Base64 data encoding process is out of your
responsibility and will be handled in another part of the system.
""",
tools=[
edit_product_asset,
mcp_toolset,
],
before_model_callback=before_model_modifier,
before_tool_callback=before_tool_modifier,
after_tool_callback=after_tool_modifier,
)
Готово! Теперь вы можете попросить агента не только помочь вам отредактировать фотографию, но и создать для вас видео! Повторите следующую команду ещё раз.
uv run adk web --port 8080
Затем попробуйте создать видео, используя это изображение.
Generate a slow zoom in and moving from left and right animation

Вы увидите сгенерированное видео, как показано в примере ниже, уже сохраненное как артефакт.

7. ⭐ Краткое содержание
Теперь давайте вспомним, что мы уже сделали в ходе этой практической работы.

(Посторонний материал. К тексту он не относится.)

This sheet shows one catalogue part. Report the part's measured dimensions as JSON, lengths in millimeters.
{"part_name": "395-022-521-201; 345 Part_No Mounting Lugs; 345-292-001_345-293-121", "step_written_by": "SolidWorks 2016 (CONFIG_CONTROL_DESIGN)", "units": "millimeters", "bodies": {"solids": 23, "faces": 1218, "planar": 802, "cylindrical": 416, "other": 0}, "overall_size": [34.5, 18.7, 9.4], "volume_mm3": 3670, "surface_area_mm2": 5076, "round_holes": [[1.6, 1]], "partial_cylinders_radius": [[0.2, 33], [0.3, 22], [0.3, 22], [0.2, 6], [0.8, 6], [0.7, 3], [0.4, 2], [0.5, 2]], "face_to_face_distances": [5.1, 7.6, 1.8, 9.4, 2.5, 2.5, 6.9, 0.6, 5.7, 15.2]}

Вот основные выводы:
- Обработка многомодальных данных (ввод/вывод инструмента) : Усилена стратегия управления многомодальными данными (такими как изображения и видео) для ввода и вывода инструментом за счет использования службы артефактов ADK и специализированных обратных вызовов вместо прямой передачи необработанных байтовых данных.

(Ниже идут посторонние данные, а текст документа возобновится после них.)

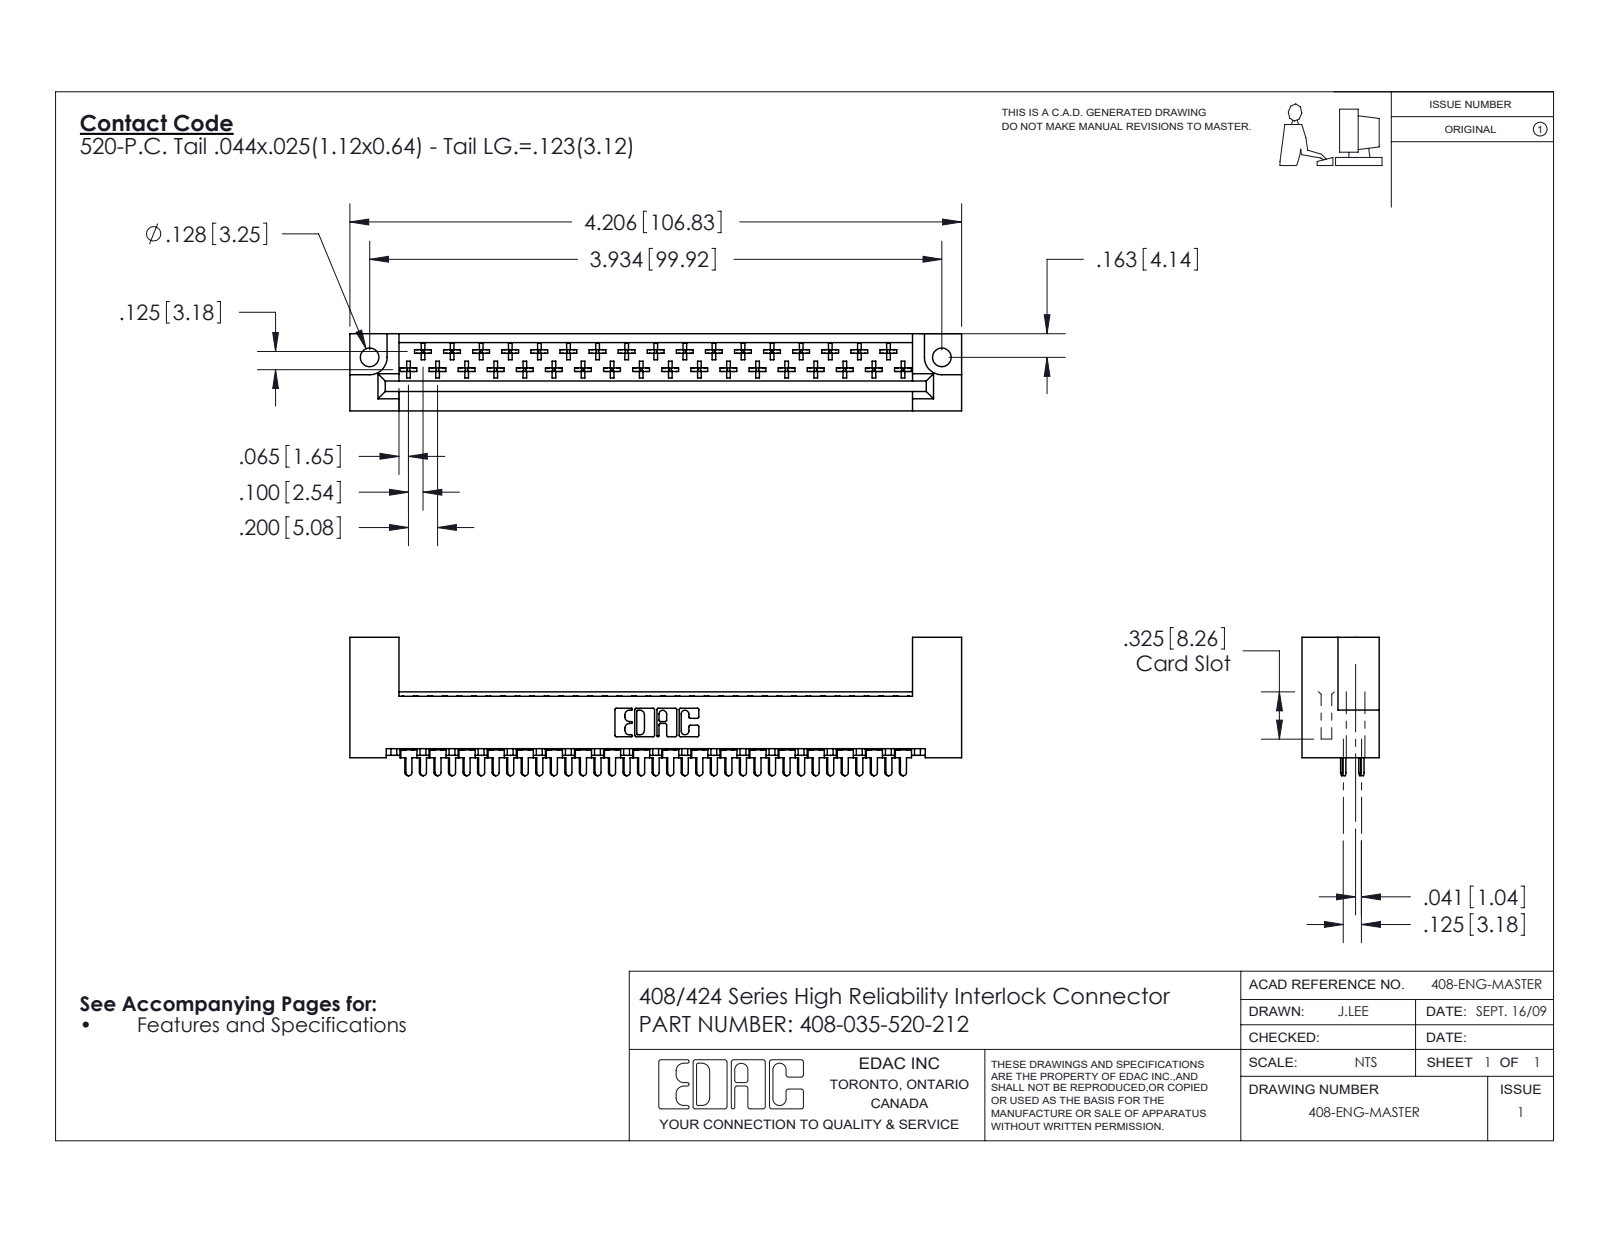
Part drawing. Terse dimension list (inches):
name: 408-035-520-212; 408-290-001_408-290-120; 408 Part_035 - 2
written by: SolidWorks 2016 (CONFIG_CONTROL_DESIGN)
unit: in
bodies: 36 solids, 2064 faces (1559 planar, 365 cylindrical, 140 other)
size: 4.206 × 0.951 × 0.531
volume: 0.813 in³; area: 23.72 in²
holes: 2× ⌀0.128
rounds: 210× R0.01, 37× R0.02, 35× R0.022, 22× R0.01, 6× R0.007, 6× R0.031, 3× R0.026, 2× R0.12
face distances: 0.531, 0.125, 0.1, 0.025, 0.025, 0.361, 0.235, 0.259, 0.398, 0.217
hole spacings: 3.934

- Интеграция с набором инструментов MCP : Разработан и интегрирован внешний сервер Veo MCP с использованием FastMCP через набор инструментов ADK MCP для добавления возможностей генерации видео в работу агента.
- Модификация входных данных инструмента (before_tool_callback) : Реализован обратный вызов для перехвата вызова инструмента generate_video_with_image, преобразующий artifact_id файла (выбранный LLM) в необходимые данные изображения в кодировке base64 для ввода на сервер MCP.
- Модификация выходных данных инструмента (after_tool_callback) : Реализован обратный вызов для перехвата большого видеоответа в кодировке base64 от сервера MCP, сохранения видео в качестве нового артефакта и возврата чистой ссылки video_artifact_id в LLM.
8. 🧹 Уборка
Чтобы избежать списания средств с вашего аккаунта Google Cloud за ресурсы, использованные в этом практическом задании, выполните следующие действия:
- В консоли Google Cloud перейдите на страницу «Управление ресурсами» .
- В списке проектов выберите проект, который хотите удалить, и нажмите кнопку «Удалить» .
- В диалоговом окне введите идентификатор проекта, а затем нажмите «Завершить» , чтобы удалить проект.